I have a small bal python. Right now I have it in an all glass terrarium with a heat mat but I will need something bigger in some time and I'm planning on making a wooden terrarium. Can I use the heat mat with a wood terrarium? If so how? Should I put it inside below the substrate? Or should I make a glass floor? 

Thanks.


----------



## captaincaveman (Nov 6, 2006)

you can use one but i'd recommend going across to a ceramic heater once you get a new viv.


----------



## welshgaz (Dec 12, 2005)

i use both a ceramic heater and a heat matt. Heat matt cans go in the viv but I put a section of old carpet over mine so the snake defo cannot reach it. They also work well if you just place them under the wood


----------



## Bonnie Mitchell (Jul 24, 2006)

I have a wooden viv (was surprised to find they get & stay hotter than glass ones) and a heat mat.
I put feet on my heat mat (to raise it slightly from viv floor) and then put repti-carpet over the top, sealed to the viv side with gaffer tape. This stops curious critters from getting at the mat.
Doesn't burn the wood or the carpeting.
Keeps one end of the viv nice & high temp for my babies (desert agamids). They tend to kip down at the mat end at night, too.


----------



## markhill (Sep 22, 2006)

i've got heat mats on 24/7 with lights on a timer, the mats are in the viv under a piece of board (bottom of a drawer) to stop the snakes getting into contact with them, have you got a mat stat? you will need to get one, if not


----------



## mark67123 (Jun 11, 2006)

A ceramic on it's own is the best option in my opinion for a royal.
Even if you use a mat you'll still need another kind of heating as well because a mat won't raise the air temp enough in a full size viv.
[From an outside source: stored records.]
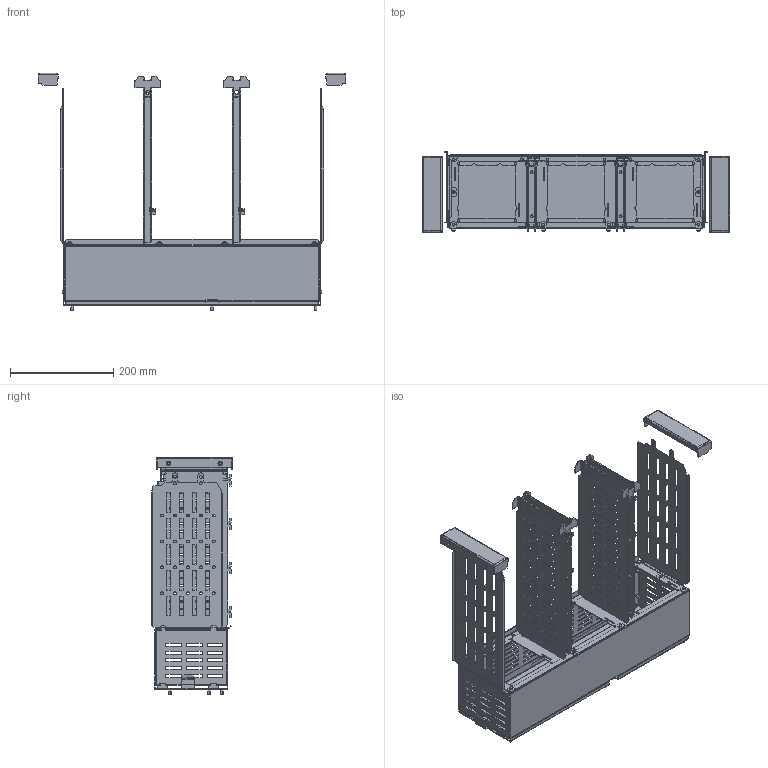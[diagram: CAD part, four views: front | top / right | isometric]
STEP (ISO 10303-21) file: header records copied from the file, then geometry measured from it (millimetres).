
FILE_DESCRIPTION(('CAx-IF Rec.Pracs.---Model Styling and Organization---1.2---2011-12-15','CAx-IF Rec.Pracs.---Geometric and Assembly Validation Properties---4.1---2014-06-16','CAx-IF Rec.Pracs.---PMI Polyline Presentation---2.0---2013-05-24'),'2;1');
FILE_NAME('R5M2W3M3A.stp','2021-05-05T12:15:28+03:00',(''),(''),'STEP Interface 4.4 by CT CoreTechnologie','3D_Evolution4.4 by CT CoreTechnologie','');
FILE_SCHEMA(('AUTOMOTIVE_DESIGN { 1 0 10303 214 1 1 1 1 }'));
Length unit declared in the file: millimetre
Products named in the file (14): R5M2W3M3A; ÒÏÀ.09.0004.00.00.2_¡¥§ § æ¥¯®¢; RB.1421.00.00.0_-01; RB.1599.00.00.0_-01; RB.1252.00.00.0_-01; RB.1251.00.00.0_-01 (for assembly); RB.0908.00.00.0_-01; M5x8-DIN7500C_stright; RB.1246.00.00.0_-01; RB.1426.00.00.0_-00; RB.1622.00.00.0_-00; RB.1285.00.00.0_-02; RB.1285.00.00.0_-03; RB.1282.00.00.0_-01
Assembly tree (44 placements, depth 2):
  R5M2W3M3A
    ÒÏÀ.09.0004.00.00.2_¡¥§ § æ¥¯®¢  x4
    RB.1421.00.00.0_-01
    RB.1599.00.00.0_-01
    RB.1252.00.00.0_-01  x2
    RB.1251.00.00.0_-01 (for assembly)  x2
    RB.0908.00.00.0_-01  x2
    M5x8-DIN7500C_stright  x22
    RB.1246.00.00.0_-01
    RB.1426.00.00.0_-00  x4
    RB.1622.00.00.0_-00
    RB.1285.00.00.0_-02
    RB.1285.00.00.0_-03
    RB.1282.00.00.0_-01  x2
Bounding box: 594 x 156 x 458.6 mm (x, y, z)
Surface area: 1225247.6 mm2 (no closed solid volume)
Topology: 0 solids, 46 shells, 3168 faces, 8775 edges, 5667 vertices
Faces by surface type: plane 2277, cylinder 567, bspline 324
Entity records: 68879 total; most frequent: CARTESIAN_POINT 13750, ORIENTED_EDGE 11474, DIRECTION 10447, EDGE_CURVE 5739, VECTOR 4849, LINE 4849, VERTEX_POINT 3746, AXIS2_PLACEMENT_3D 2799
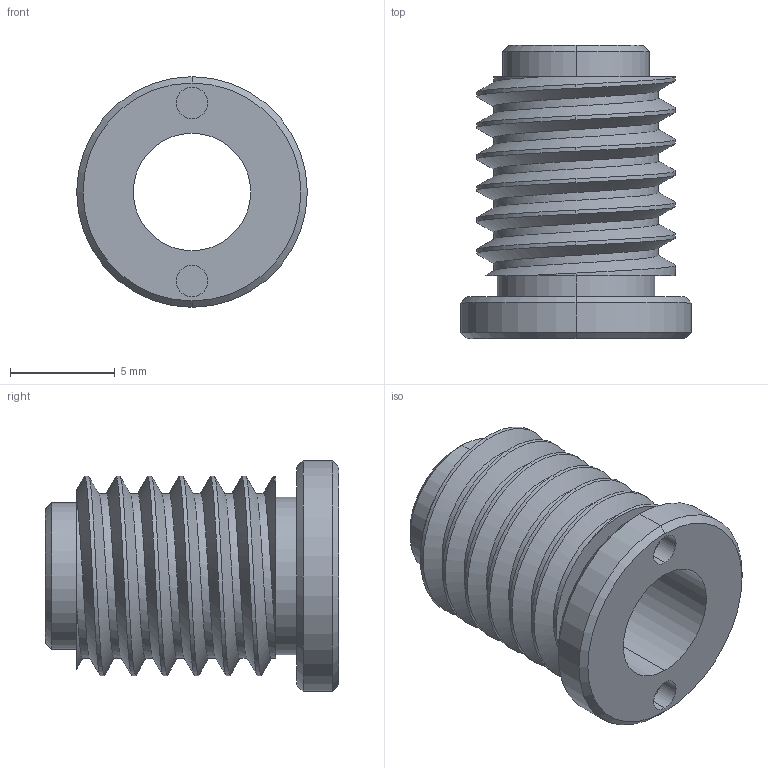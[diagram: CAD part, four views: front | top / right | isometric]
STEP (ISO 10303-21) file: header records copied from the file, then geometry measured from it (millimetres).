
FILE_DESCRIPTION (( 'STEP AP214' ), '1' );
FILE_NAME ('M6蹟恇傍杶-M6X0.25.STEP', '2025-06-17T08:03:45', ( '' ), ( '' ), 'SwSTEP 2.0', 'SolidWorks 2024', '' );
FILE_SCHEMA (( 'AUTOMOTIVE_DESIGN' ));
Length unit declared in the file: millimetre
Products named in the file (1): M6螺纹衬套-M6X0.25
Bounding box: 11 x 14 x 11 mm (x, y, z)
Volume: 492.8 mm3; surface area: 953.7 mm2
Topology: 1 solids, 1 shells, 43 faces, 102 edges, 66 vertices
Faces by surface type: cylinder 26, plane 8, cone 6, bspline 3
Entity records: 2426 total; most frequent: CARTESIAN_POINT 1483, ORIENTED_EDGE 204, DIRECTION 181, EDGE_CURVE 102, AXIS2_PLACEMENT_3D 74, VERTEX_POINT 66, EDGE_LOOP 50, ADVANCED_FACE 43

A full size false floor is the best thing to use if you really wanted to have a mat in there - then the snake can't get anywhere near the mat and so the risk of burns is vastly reduced, and also no liquids (spilled water bowl, runny poo, etc) can get to the electrics. 

Either perspex or 3mm laminated hardboard would be the best materials. 

Glass would work but there's a higher risk of breakage, and it may not be easy getting the glass cut to the exact size of the viv floor - it'd be easier to work with hardboard or perspex.


----------